[Start of section]

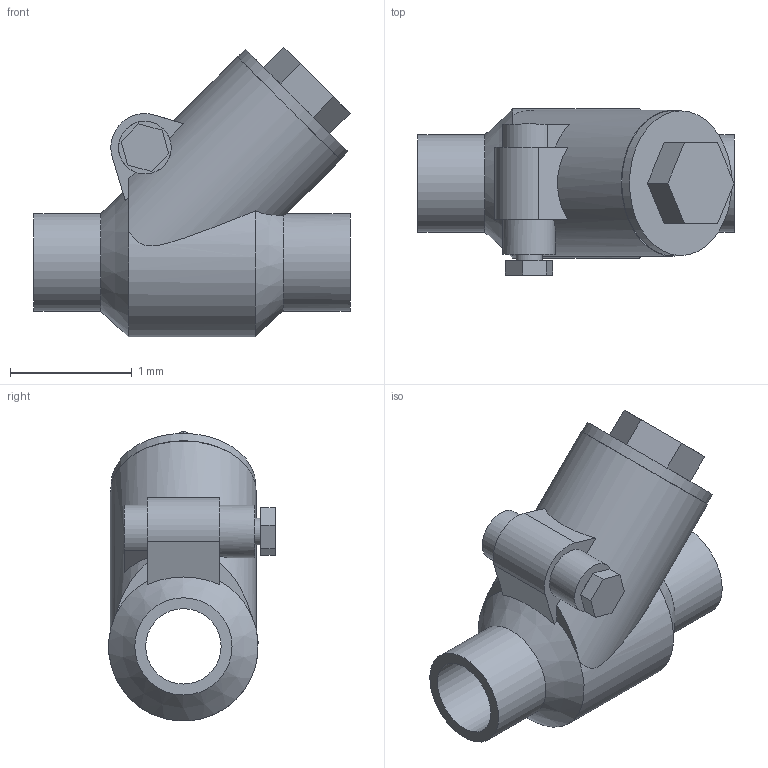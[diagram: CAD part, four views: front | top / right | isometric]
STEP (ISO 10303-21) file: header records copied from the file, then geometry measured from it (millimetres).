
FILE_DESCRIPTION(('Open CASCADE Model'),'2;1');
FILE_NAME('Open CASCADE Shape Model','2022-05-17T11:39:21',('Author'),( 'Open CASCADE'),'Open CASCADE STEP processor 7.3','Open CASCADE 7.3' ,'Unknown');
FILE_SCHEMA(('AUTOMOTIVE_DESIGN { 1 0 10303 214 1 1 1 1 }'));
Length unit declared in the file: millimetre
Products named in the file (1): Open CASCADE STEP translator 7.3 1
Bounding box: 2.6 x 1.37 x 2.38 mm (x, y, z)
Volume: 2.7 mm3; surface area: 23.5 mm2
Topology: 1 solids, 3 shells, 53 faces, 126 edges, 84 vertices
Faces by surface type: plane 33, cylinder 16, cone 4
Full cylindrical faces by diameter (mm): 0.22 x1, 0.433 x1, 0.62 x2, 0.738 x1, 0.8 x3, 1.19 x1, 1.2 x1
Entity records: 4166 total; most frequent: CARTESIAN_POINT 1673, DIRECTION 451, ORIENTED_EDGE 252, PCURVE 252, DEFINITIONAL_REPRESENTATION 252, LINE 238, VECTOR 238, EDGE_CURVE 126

[End of section]

### THE TASK:
Your answer must contain the full data, repeated exactly, without pictures.

### RESULT:
[diagram: CAD part, four views: front | top / right | isometric]
STEP (ISO 10303-21) file: header records copied from the file, then geometry measured from it (millimetres).
FILE_DESCRIPTION(('Open CASCADE Model'),'2;1');
FILE_NAME('Open CASCADE Shape Model','2022-05-17T11:39:21',('Author'),( 'Open CASCADE'),'Open CASCADE STEP processor 7.3','Open CASCADE 7.3' ,'Unknown');
FILE_SCHEMA(('AUTOMOTIVE_DESIGN { 1 0 10303 214 1 1 1 1 }'));
Length unit declared in the file: millimetre
Products named in the file (1): Open CASCADE STEP translator 7.3 1
Bounding box: 2.6 x 1.37 x 2.38 mm (x, y, z)
Volume: 2.7 mm3; surface area: 23.5 mm2
Topology: 1 solids, 3 shells, 53 faces, 126 edges, 84 vertices
Faces by surface type: plane 33, cylinder 16, cone 4
Full cylindrical faces by diameter (mm): 0.22 x1, 0.433 x1, 0.62 x2, 0.738 x1, 0.8 x3, 1.19 x1, 1.2 x1
Entity records: 4166 total; most frequent: CARTESIAN_POINT 1673, DIRECTION 451, ORIENTED_EDGE 252, PCURVE 252, DEFINITIONAL_REPRESENTATION 252, LINE 238, VECTOR 238, EDGE_CURVE 126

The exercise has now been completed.